Records drawn from a dataset:

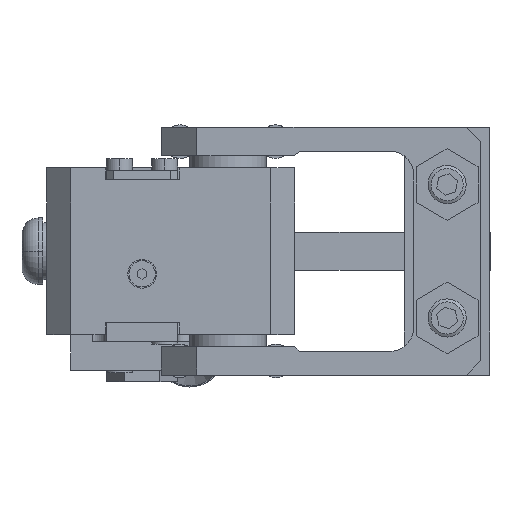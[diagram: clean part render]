
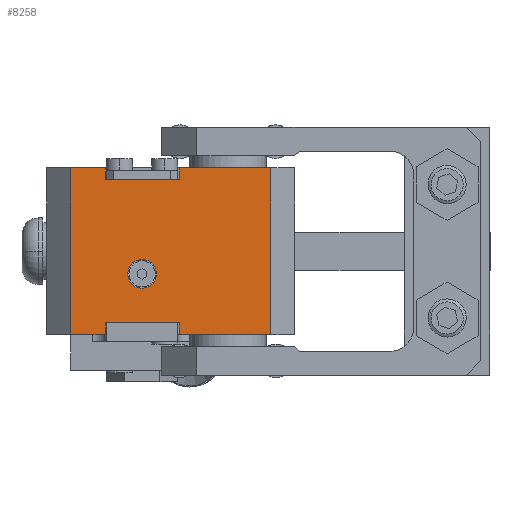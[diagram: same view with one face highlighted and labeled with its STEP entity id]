
A CAD part, left-side view. The second image highlights one B-rep face of the part: STEP entity #8258.
In plain terms, the highlighted planar face has unit normal (-1, 0, 0).
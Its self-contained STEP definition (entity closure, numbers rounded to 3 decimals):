
#464 = EDGE_CURVE ( 'NONE', #8907, #8813, #16490, .T. ) ;
#470 = DIRECTION ( 'NONE',  ( 0., -1., 0. ) ) ;
#490 = CARTESIAN_POINT ( 'NONE',  ( -28., 25.75, -15. ) ) ;
#527 = ORIENTED_EDGE ( 'NONE', *, *, #1540, .T. ) ;
#613 = LINE ( 'NONE', #490, #18023 ) ;
#695 = DIRECTION ( 'NONE',  ( 0., -1., 0. ) ) ;
#1483 = VECTOR ( 'NONE', #15269, 1000. ) ;
#1540 = EDGE_CURVE ( 'NONE', #15812, #4033, #10237, .T. ) ;
#1663 = CARTESIAN_POINT ( 'NONE',  ( -28., 10.25, 25. ) ) ;
#1683 = VECTOR ( 'NONE', #3563, 1000. ) ;
#1950 = EDGE_CURVE ( 'NONE', #9208, #15812, #19241, .T. ) ;
#1959 = CARTESIAN_POINT ( 'NONE',  ( -28., 33., 17.5 ) ) ;
#2127 = ORIENTED_EDGE ( 'NONE', *, *, #10468, .F. ) ;
#2363 = VECTOR ( 'NONE', #13873, 1000. ) ;
#2642 = EDGE_CURVE ( 'NONE', #8813, #8907, #9493, .T. ) ;
#2832 = CARTESIAN_POINT ( 'NONE',  ( -28., 25.75, -15. ) ) ;
#2874 = CARTESIAN_POINT ( 'NONE',  ( -28., 33., 17.5 ) ) ;
#2996 = DIRECTION ( 'NONE',  ( 0., -1., 0. ) ) ;
#3019 = DIRECTION ( 'NONE',  ( 0., 1., 0. ) ) ;
#3039 = DIRECTION ( 'NONE',  ( -1., 0., 0. ) ) ;
#3053 = CARTESIAN_POINT ( 'NONE',  ( -28., 18., -4.75 ) ) ;
#3351 = CARTESIAN_POINT ( 'NONE',  ( -28., 33., -17.5 ) ) ;
#3563 = DIRECTION ( 'NONE',  ( 0., 0., 1. ) ) ;
#3602 = CARTESIAN_POINT ( 'NONE',  ( -28., 10.25, -25. ) ) ;
#3722 = ORIENTED_EDGE ( 'NONE', *, *, #2642, .F. ) ;
#3800 = LINE ( 'NONE', #3602, #1683 ) ;
#3806 = LINE ( 'NONE', #1663, #12913 ) ;
#3871 = VERTEX_POINT ( 'NONE', #5257 ) ;
#4033 = VERTEX_POINT ( 'NONE', #2832 ) ;
#4093 = VERTEX_POINT ( 'NONE', #1959 ) ;
#4440 = DIRECTION ( 'NONE',  ( 0., 0., -1. ) ) ;
#5029 = LINE ( 'NONE', #2874, #7812 ) ;
#5033 = LINE ( 'NONE', #3351, #13829 ) ;
#5115 = EDGE_CURVE ( 'NONE', #15245, #15167, #3800, .T. ) ;
#5206 = VECTOR ( 'NONE', #4440, 1000. ) ;
#5257 = CARTESIAN_POINT ( 'NONE',  ( -28., 25.75, 15. ) ) ;
#5333 = CARTESIAN_POINT ( 'NONE',  ( -28., 10.25, 15. ) ) ;
#5775 = ORIENTED_EDGE ( 'NONE', *, *, #464, .F. ) ;
#6201 = ORIENTED_EDGE ( 'NONE', *, *, #14016, .T. ) ;
#6517 = CARTESIAN_POINT ( 'NONE',  ( -28., 25.75, 25. ) ) ;
#6543 = FACE_OUTER_BOUND ( 'NONE', #12715, .T. ) ;
#6707 = EDGE_CURVE ( 'NONE', #15245, #18634, #5033, .T. ) ;
#6771 = VECTOR ( 'NONE', #9333, 1000. ) ;
#6810 = DIRECTION ( 'NONE',  ( 0., 1., 0. ) ) ;
#6862 = DIRECTION ( 'NONE',  ( 0., 1., 0. ) ) ;
#6866 = DIRECTION ( 'NONE',  ( 1., 0., 0. ) ) ;
#6882 = CARTESIAN_POINT ( 'NONE',  ( -28., 18., -4.75 ) ) ;
#6935 = DIRECTION ( 'NONE',  ( -1., 0., 0. ) ) ;
#6954 = CARTESIAN_POINT ( 'NONE',  ( -28., 33., 17.5 ) ) ;
#6975 = PLANE ( 'NONE',  #14737 ) ;
#7225 = CARTESIAN_POINT ( 'NONE',  ( -28., 25.75, 17.5 ) ) ;
#7421 = EDGE_CURVE ( 'NONE', #4033, #15167, #613, .T. ) ;
#7757 = CARTESIAN_POINT ( 'NONE',  ( -28., 10.25, 17.5 ) ) ;
#7792 = CARTESIAN_POINT ( 'NONE',  ( -28., -9., -17.5 ) ) ;
#7812 = VECTOR ( 'NONE', #695, 1000. ) ;
#8258 = ADVANCED_FACE ( 'NONE', ( #6543, #14763 ), #6975, .F. ) ;
#8433 = LINE ( 'NONE', #6517, #5206 ) ;
#8486 = ORIENTED_EDGE ( 'NONE', *, *, #7421, .T. ) ;
#8806 = VERTEX_POINT ( 'NONE', #5333 ) ;
#8813 = VERTEX_POINT ( 'NONE', #16394 ) ;
#8907 = VERTEX_POINT ( 'NONE', #17532 ) ;
#8918 = VECTOR ( 'NONE', #19208, 1000. ) ;
#9208 = VERTEX_POINT ( 'NONE', #13081 ) ;
#9333 = DIRECTION ( 'NONE',  ( 0., 0., -1. ) ) ;
#9455 = ORIENTED_EDGE ( 'NONE', *, *, #1950, .T. ) ;
#9493 = CIRCLE ( 'NONE', #11851, 3. ) ;
#9866 = ORIENTED_EDGE ( 'NONE', *, *, #15301, .T. ) ;
#10237 = LINE ( 'NONE', #10256, #10904 ) ;
#10256 = CARTESIAN_POINT ( 'NONE',  ( -28., 25.75, -25. ) ) ;
#10275 = DIRECTION ( 'NONE',  ( 0., 0., 1. ) ) ;
#10400 = VECTOR ( 'NONE', #15481, 1000. ) ;
#10468 = EDGE_CURVE ( 'NONE', #16371, #18634, #13244, .T. ) ;
#10685 = ORIENTED_EDGE ( 'NONE', *, *, #18727, .F. ) ;
#10904 = VECTOR ( 'NONE', #10275, 1000. ) ;
#11052 = ORIENTED_EDGE ( 'NONE', *, *, #6707, .T. ) ;
#11326 = CARTESIAN_POINT ( 'NONE',  ( -28., -9., 17.5 ) ) ;
#11635 = ORIENTED_EDGE ( 'NONE', *, *, #18572, .F. ) ;
#11851 = AXIS2_PLACEMENT_3D ( 'NONE', #3053, #3039, #3019 ) ;
#11899 = EDGE_CURVE ( 'NONE', #4093, #16033, #5029, .T. ) ;
#11945 = CARTESIAN_POINT ( 'NONE',  ( -28., -9., 17.5 ) ) ;
#12425 = CARTESIAN_POINT ( 'NONE',  ( -28., 10.25, -15. ) ) ;
#12715 = EDGE_LOOP ( 'NONE', ( #9866, #11635, #18295, #18514, #6201, #9455, #527, #8486, #16933, #11052, #2127, #10685 ) ) ;
#12776 = AXIS2_PLACEMENT_3D ( 'NONE', #6882, #6935, #6810 ) ;
#12824 = EDGE_LOOP ( 'NONE', ( #5775, #3722 ) ) ;
#12913 = VECTOR ( 'NONE', #18979, 1000. ) ;
#13054 = CARTESIAN_POINT ( 'NONE',  ( -28., 25.75, -17.5 ) ) ;
#13081 = CARTESIAN_POINT ( 'NONE',  ( -28., 33., -17.5 ) ) ;
#13244 = LINE ( 'NONE', #11326, #6771 ) ;
#13829 = VECTOR ( 'NONE', #2996, 1000. ) ;
#13873 = DIRECTION ( 'NONE',  ( 0., 0., -1. ) ) ;
#14016 = EDGE_CURVE ( 'NONE', #4093, #9208, #17709, .T. ) ;
#14737 = AXIS2_PLACEMENT_3D ( 'NONE', #6954, #6866, #6862 ) ;
#14763 = FACE_BOUND ( 'NONE', #12824, .T. ) ;
#15167 = VERTEX_POINT ( 'NONE', #12425 ) ;
#15245 = VERTEX_POINT ( 'NONE', #17306 ) ;
#15269 = DIRECTION ( 'NONE',  ( 0., -1., 0. ) ) ;
#15301 = EDGE_CURVE ( 'NONE', #16748, #8806, #3806, .T. ) ;
#15481 = DIRECTION ( 'NONE',  ( 0., -1., 0. ) ) ;
#15773 = CARTESIAN_POINT ( 'NONE',  ( -28., 33., 17.5 ) ) ;
#15812 = VERTEX_POINT ( 'NONE', #13054 ) ;
#15961 = EDGE_CURVE ( 'NONE', #16033, #3871, #8433, .T. ) ;
#16033 = VERTEX_POINT ( 'NONE', #7225 ) ;
#16371 = VERTEX_POINT ( 'NONE', #11945 ) ;
#16394 = CARTESIAN_POINT ( 'NONE',  ( -28., 15., -4.75 ) ) ;
#16490 = CIRCLE ( 'NONE', #12776, 3. ) ;
#16748 = VERTEX_POINT ( 'NONE', #7757 ) ;
#16933 = ORIENTED_EDGE ( 'NONE', *, *, #5115, .F. ) ;
#17180 = CARTESIAN_POINT ( 'NONE',  ( -28., 25.75, 15. ) ) ;
#17306 = CARTESIAN_POINT ( 'NONE',  ( -28., 10.25, -17.5 ) ) ;
#17395 = CARTESIAN_POINT ( 'NONE',  ( -28., 33., 17.5 ) ) ;
#17532 = CARTESIAN_POINT ( 'NONE',  ( -28., 21., -4.75 ) ) ;
#17709 = LINE ( 'NONE', #15773, #2363 ) ;
#18023 = VECTOR ( 'NONE', #470, 1000. ) ;
#18295 = ORIENTED_EDGE ( 'NONE', *, *, #15961, .F. ) ;
#18514 = ORIENTED_EDGE ( 'NONE', *, *, #11899, .F. ) ;
#18572 = EDGE_CURVE ( 'NONE', #3871, #8806, #19211, .T. ) ;
#18634 = VERTEX_POINT ( 'NONE', #7792 ) ;
#18727 = EDGE_CURVE ( 'NONE', #16748, #16371, #19418, .T. ) ;
#18979 = DIRECTION ( 'NONE',  ( 0., 0., -1. ) ) ;
#19208 = DIRECTION ( 'NONE',  ( 0., -1., 0. ) ) ;
#19211 = LINE ( 'NONE', #17180, #1483 ) ;
#19241 = LINE ( 'NONE', #19257, #8918 ) ;
#19257 = CARTESIAN_POINT ( 'NONE',  ( -28., 33., -17.5 ) ) ;
#19418 = LINE ( 'NONE', #17395, #10400 ) ;

• **Assignment**: Among the lines above, repeat exactly those from the line with "#6882 = CARTESIAN_POINT" to the line with "#7421 = EDGE_CURVE", counting both ends.

• **The completed task**:
#6882 = CARTESIAN_POINT ( 'NONE',  ( -28., 18., -4.75 ) ) ;
#6935 = DIRECTION ( 'NONE',  ( -1., 0., 0. ) ) ;
#6954 = CARTESIAN_POINT ( 'NONE',  ( -28., 33., 17.5 ) ) ;
#6975 = PLANE ( 'NONE',  #14737 ) ;
#7225 = CARTESIAN_POINT ( 'NONE',  ( -28., 25.75, 17.5 ) ) ;
#7421 = EDGE_CURVE ( 'NONE', #4033, #15167, #613, .T. ) ;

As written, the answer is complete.